**Problem details:** Output only the lines below that start at the line containing "Top Layer w10: J5.4@4193.39,6035.97" and end at the line containing "FB: R41.1 R42.2 U5.5 | length 239.6", with both ends kept.

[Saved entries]
#####

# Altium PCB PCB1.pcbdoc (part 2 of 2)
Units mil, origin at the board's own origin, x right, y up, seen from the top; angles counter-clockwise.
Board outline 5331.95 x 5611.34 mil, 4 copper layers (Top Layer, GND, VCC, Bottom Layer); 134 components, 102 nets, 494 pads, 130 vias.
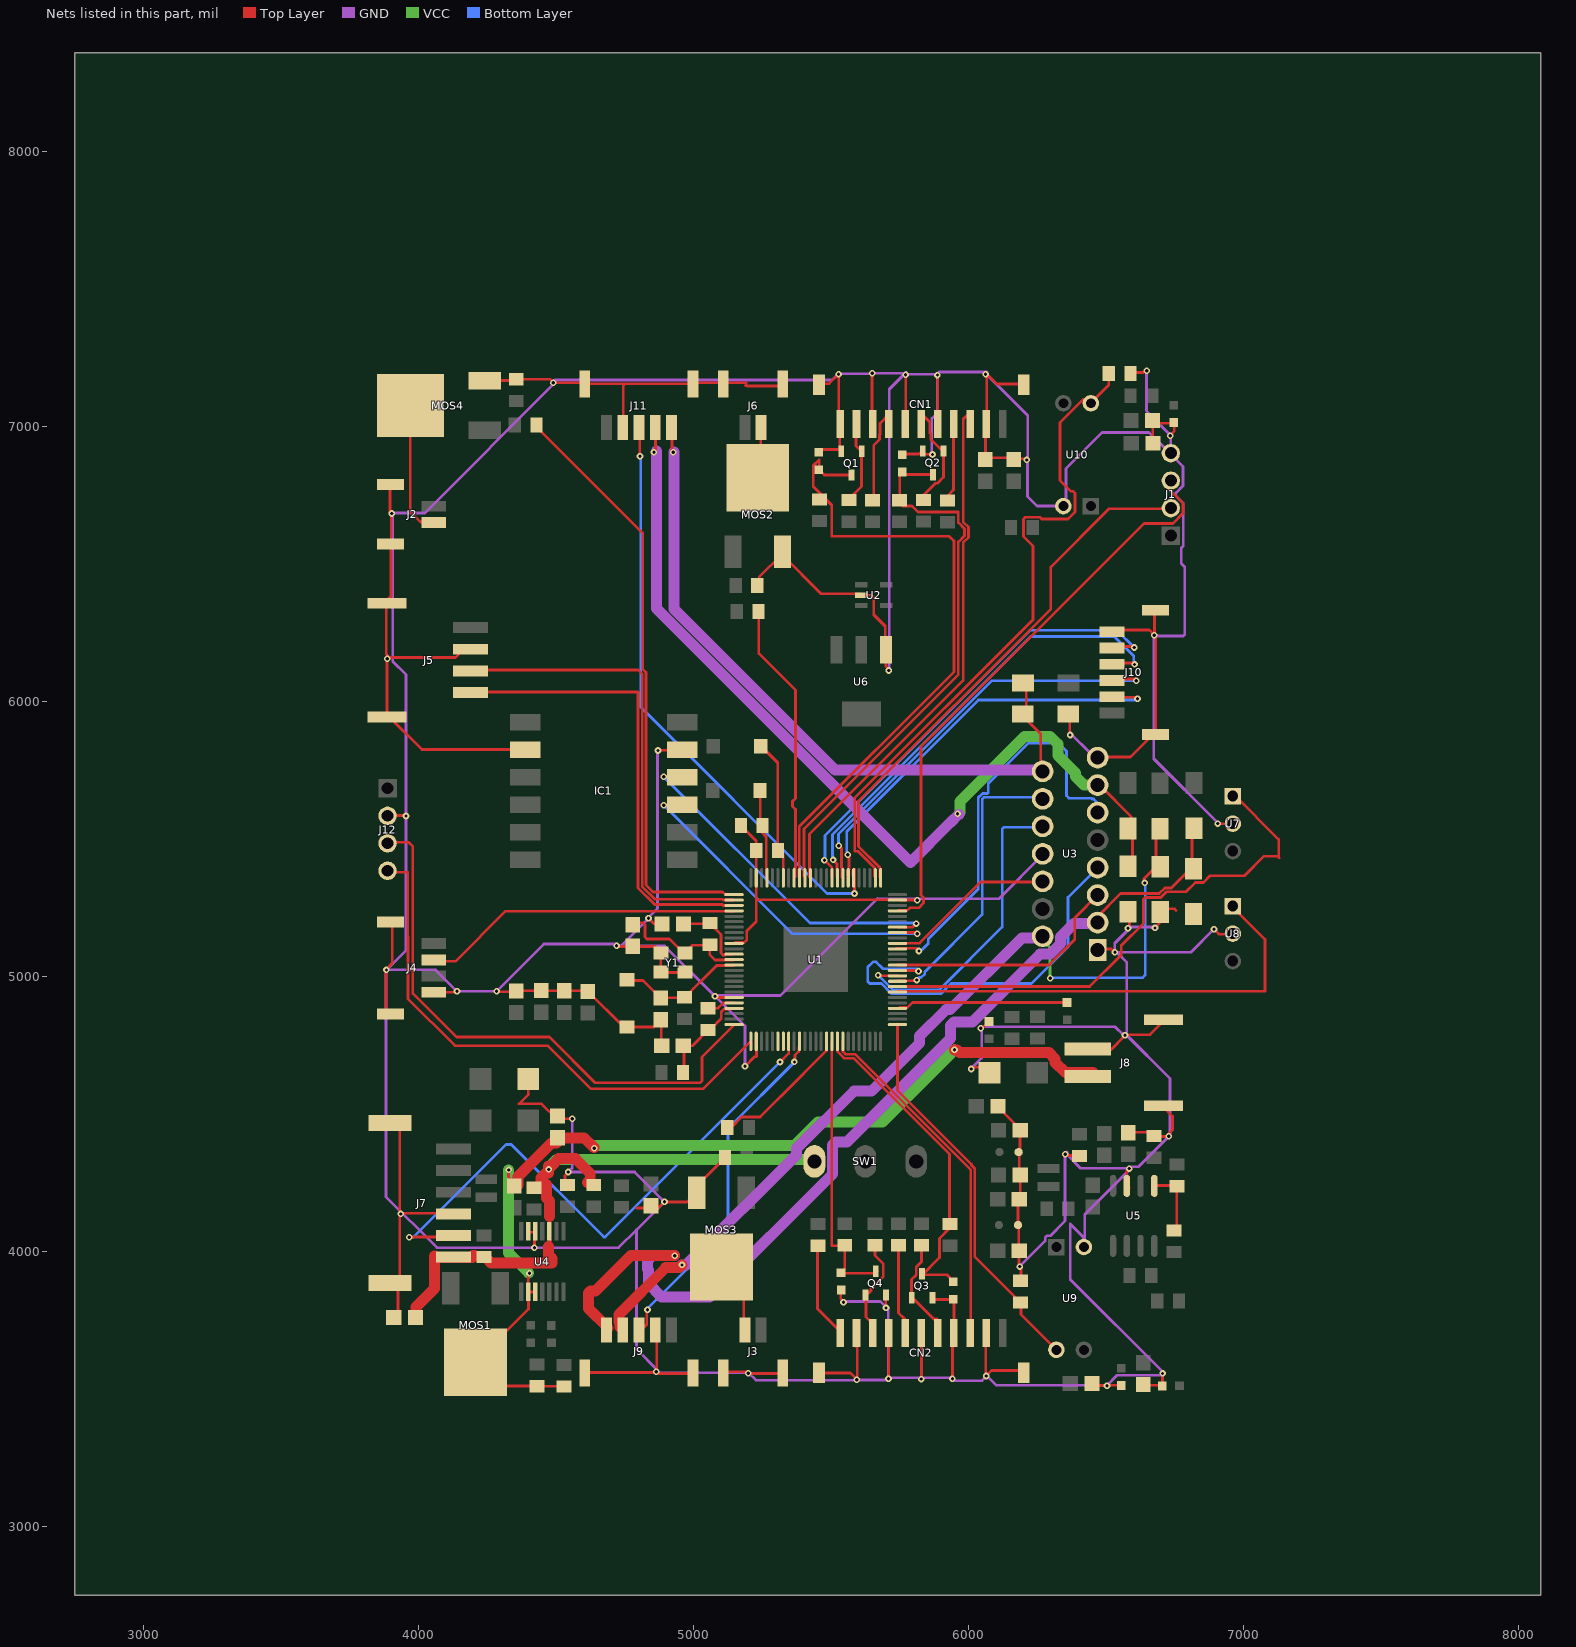
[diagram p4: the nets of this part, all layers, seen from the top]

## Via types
v1: diameter 24.02, hole 12.01, Top Layer to Bottom Layer, 130 vias

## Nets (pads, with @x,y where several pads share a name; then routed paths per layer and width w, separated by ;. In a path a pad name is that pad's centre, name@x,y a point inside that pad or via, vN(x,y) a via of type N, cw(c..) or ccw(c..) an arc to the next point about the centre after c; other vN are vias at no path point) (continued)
BAT0: J7.5 U1.33 | length 2084.2
  Top Layer w10: v1@3967.27,4053.06 4061.95,4053.06 J7.5@4066.07,4057.18 ; v1@5315.43,4689.12 5347.19,4720.88 U1.33@5347.19,4764.99
  Bottom Layer w10: v1@3966.79,4052.95 3982.35,4052.95 4319.1,4389.7 4338.14,4389.7 4674.89,4052.95 4678.68,4052.95 v1@5317.79,4692.07
  other v1: 3967.5,4052.88 5315.68,4689.91
BATTERY+: C12.1 J7.6 R14.1 R15.1 R16.1 SW1.1 U4.10 | length 2230.4
  Top Layer w10: 4204.74,3986.34 4214.22,3976.86 R16.1@4247.08,3976.86 ; 4449.08,4240.33 4462.17,4240.33 ; U4.10@4478.16,4046.06 4479.28,4044.95 4479.28,3984.03
  Top Layer w40: C12.1@3991.67,3760.1 3991.67,3798.69 4059.43,3866.45 4059.43,3984.11 ; J7.6@4078.26,3979.4 4197.79,3979.4 4204.74,3986.34 4199.09,3986.34 ; R16.1@4247.08,3976.86 4264.65,3959.29 4486.06,3959.29 4486.06,3976.01 4473.73,3988.33 4473.73,4019.01 ; R15.1@4446.57,4244.51 4446.57,4267.97 v1@4473.91,4295.34 ; 4466.31,4244.47 4466.31,4194.85 4477.28,4183.88 4477.28,4127.55 ; 4473.91,4286.39 v1@4473.91,4295.34 ; v1@4473.91,4311.21 v1@4473.91,4297.52 ; v1@4474.98,4298.58 v1@4473.91,4297.52 ; 4483.73,4311.21 4510.65,4338.13 4571.33,4338.13 4625.43,4284.02 4625.43,4261.49 R14.1@4615.97,4252.02 ; v1@4473.91,4295.34 v1@4473.91,4297.52
  VCC w40: v1(4474.29,4299.28) 4474.29,4306.18 4503.29,4335.18 5433.95,4335.18 SW1.1@5441.48,4327.65
BMQ-L1: J11.3 U1.81 | length 2175.6
  Top Layer w10: v1@4805.66,6894.2 J11.3@4805.66,6992.76 ; U1.81@5580.86,5367.84 5580.86,5385.26 5586.46,5390.86 5586.46,5303.15 v1(5586.56,5303.05)
  Bottom Layer w10: v1@4809.33,6886.4 4809.33,5980.35 5486.63,5303.05 v1(5586.56,5303.05)
  other v1: 4806.44,6893.22
BMQ-R1: J9.3 U1.35 | length 1241.1
  Top Layer w10: J9.3@4814.48,3719.83 4830.81,3736.16 v1@4830.81,3785.73 ; v1@5370.39,4694.8 5370.39,4715.34 5383.47,4728.42 5383.47,4742.61 U1.35@5386.46,4745.6
  Bottom Layer w10: v1@4836.19,3795.77 5126.85,4086.42 5126.85,4448.59 v1@5365.67,4687.41
  other v1: 4833.72,3788.84 5368.13,4690.28
BOOT0: KEY2.1 R7.1 U1.94 | length 517.9
  Top Layer w10: KEY2.1@5247.31,5838.57 5307.55,5778.34 R7.1@5307.55,5462.4 ; R7.1@5307.55,5454.56 R7.1@5307.55,5462.4 ; U1.94@5327.21,5361.59 5327.21,5442.74 R7.1@5307.55,5462.4
FAN_FB: J5.4 U1.3 | length 1709.6
  Top Layer w10: J5.4@4193.39,6035.97 4799.37,6035.97 4799.37,5323.14 4860.06,5262.45 5106.19,5262.45 5109.09,5259.56 5151.42,5259.56 5151.92,5259.06 U1.3@5163.63,5259.06
FAN_PWM: J5.3 U1.2 | length 1756
  Top Layer w10: J5.3@4193.17,6121.09 4198.81,6115.46 4800.24,6115.46 4814.21,6101.48 4814.21,5328.12 4860.2,5282.13 5105.7,5282.13 5108.7,5279.13 U1.2@5147.35,5279.13
FB: R41.1 R42.2 U5.5 | length 239.6
  Top Layer w10: U5.5@6675.98,4241.59 6677.03,4240.54 R42.2@6754.14,4240.54 ; R41.1@6747.02,4079.07 6759.15,4091.2 R42.2@6759.15,4235.1
FRONT1: J10.2 U1.82 | length 1497.1
  Top Layer w10: v1(5562,5443.4) 5567.02,5438.38 5567.02,5391.24 5562.85,5387.07 U1.82@5562.85,5366.12 ; J10.2@6537.01,6016.47 6612.53,6016.47 v1@6613.95,6017.89
  Bottom Layer w10: v1@5558.43,5442.77 5558.43,5528.53 6036.99,6007.09 v1@6612.96,6007.09
  other v1: 6615.95,6011.14
FRONT2: J10.3 U1.83 | length 1563.5
  Top Layer w10: v1(5529.54,5476.84) 5539.01,5467.38 5539.01,5398.35 5540.95,5396.4 5540.95,5362.29 U1.83@5546.22,5357.02 ; J10.3@6530.66,6082.82 6609,6082.82 v1@6611.83,6080
  Bottom Layer w10: v1@5528.79,5478.77 5528.79,5519 6086.75,6076.97 v1@6611.9,6076.97
  other v1: 6611,6076.31
FRONT3: J10.4 U1.84 | length 1687.3
  Top Layer w10: v1(5508.73,5424.97) 5523.01,5410.69 U1.84@5523.01,5362.67 ; J10.4@6529.95,6130.11 6541.24,6141.41 v1@6599.83,6141.41
  Bottom Layer w10: v1@5506.55,5424.77 5506.55,5516.88 6227.57,6237.9 6531.44,6237.9 6602.37,6166.96 v1@6602.37,6138.38
  other v1: 6605.36,6136.07
FRONT4: J10.5 U1.85 | length 1697.1
  Top Layer w10: v1(5477.19,5424) 5504.18,5397 U1.85@5504.18,5362.67 ; J10.5@6534.89,6201.4 6600.45,6201.4 v1(6604.16,6197.69)
  Bottom Layer w10: v1@5476.11,5421.51 5478.94,5424.33 5478.94,5513.97 6225.1,6260.14 6541.72,6260.14 v1(6604.16,6197.69)
GND: C1.2 C2.2 C3.2 C4.2 C5.1 C6.2 C7.1 C8.2 C9.1 C11.1 C12.2 C13.1 C14.1 C15.1 C17.2 C18.2 C19.2 C20.2 C21.2 C22.2 C24.2 C25.2 C26.2 C27.2 C28.2 CN1.2 CN1.5 CN1.7 CN1.9 CN1.11 CN1.12 CN1.13 CN2.2 CN2.4 CN2.6 CN2.8 CN2.10 CN2.12 CN2.13 D2.2 D3.2 D4.2 D5.2 D6.2 D7.2 IC1.5 IC1.8 J1.4 J2.3 J2.4 J3.3 J3.4 J4.4 J4.5 J4.6 J5.2 J5.5 J5.6 J6.3 J6.4 J7.4 J7.7 J7.8 J8.2 J8.3 J8.4 J9.4 J9.6 J9.7 J10.6 J10.7 J10.8 J11.4 J11.6 J11.7 J12.2 KEY1.2 LED1.1 LED4white.1 LED5white.1 LED-blue2.1 LED-blue3.1 LED-blue4.1 LED-blue.1 MOS2.3 MOS3.3 MOS4.3 Q1.2 Q2.2 Q3.2 Q4.2 R7.2 R8.2 R12.1 R19.2 R21.2 R23.2 R37.2 R39.2 R40.2 R43.1 U1.10 U1.20 U1.27 U1.74 U1.99 U2.2 U3.1 U3.8 U3.15 U4.12 U4.13 U5.7 U6.1 U7.2 U8.2 U9.2 U10.2 WHITE.1 Y1.1 Y1.2 Y1.4 | length 37316.1
  Top Layer w10: J5.5@3879.03,6362.11 3900.9,6383.99 J2.3@3900.9,6575.57 ; v1@3882.66,5027.65 3882.66,4876.11 J4.5@3897.72,4861.05 ; v1@3883.6,5027.65 3905.25,5049.3 J4.6@3905.25,5200.83 ; J5.5@3883.6,6355.69 3883.6,6173.1 v1@3890.19,6166.51 ; J5.6@3886.43,5949.09 v1@3886.43,6158.98 ; J12.2@3888.31,5586.73 3953.5,5586.73 v1(3955.44,5584.79) ; J5.6@3888.49,5951.08 4012.73,5826.85 IC1.8@4388.27,5826.85 ; v1@3889.9,6161.44 4135.56,6161.44 J5.2@4172.27,6198.15 ; J2.3@3896.78,6575.93 J2.3@3898.66,6577.81 ; v1@3896.78,6688.88 J2.4@3896.78,6785.82 ; J2.3@3901.49,6580.64 v1@3901.49,6685.11 ; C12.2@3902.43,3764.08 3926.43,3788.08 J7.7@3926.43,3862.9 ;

#####

**Answer box:**
  Top Layer w10: J5.4@4193.39,6035.97 4799.37,6035.97 4799.37,5323.14 4860.06,5262.45 5106.19,5262.45 5109.09,5259.56 5151.42,5259.56 5151.92,5259.06 U1.3@5163.63,5259.06
FAN_PWM: J5.3 U1.2 | length 1756
  Top Layer w10: J5.3@4193.17,6121.09 4198.81,6115.46 4800.24,6115.46 4814.21,6101.48 4814.21,5328.12 4860.2,5282.13 5105.7,5282.13 5108.7,5279.13 U1.2@5147.35,5279.13
FB: R41.1 R42.2 U5.5 | length 239.6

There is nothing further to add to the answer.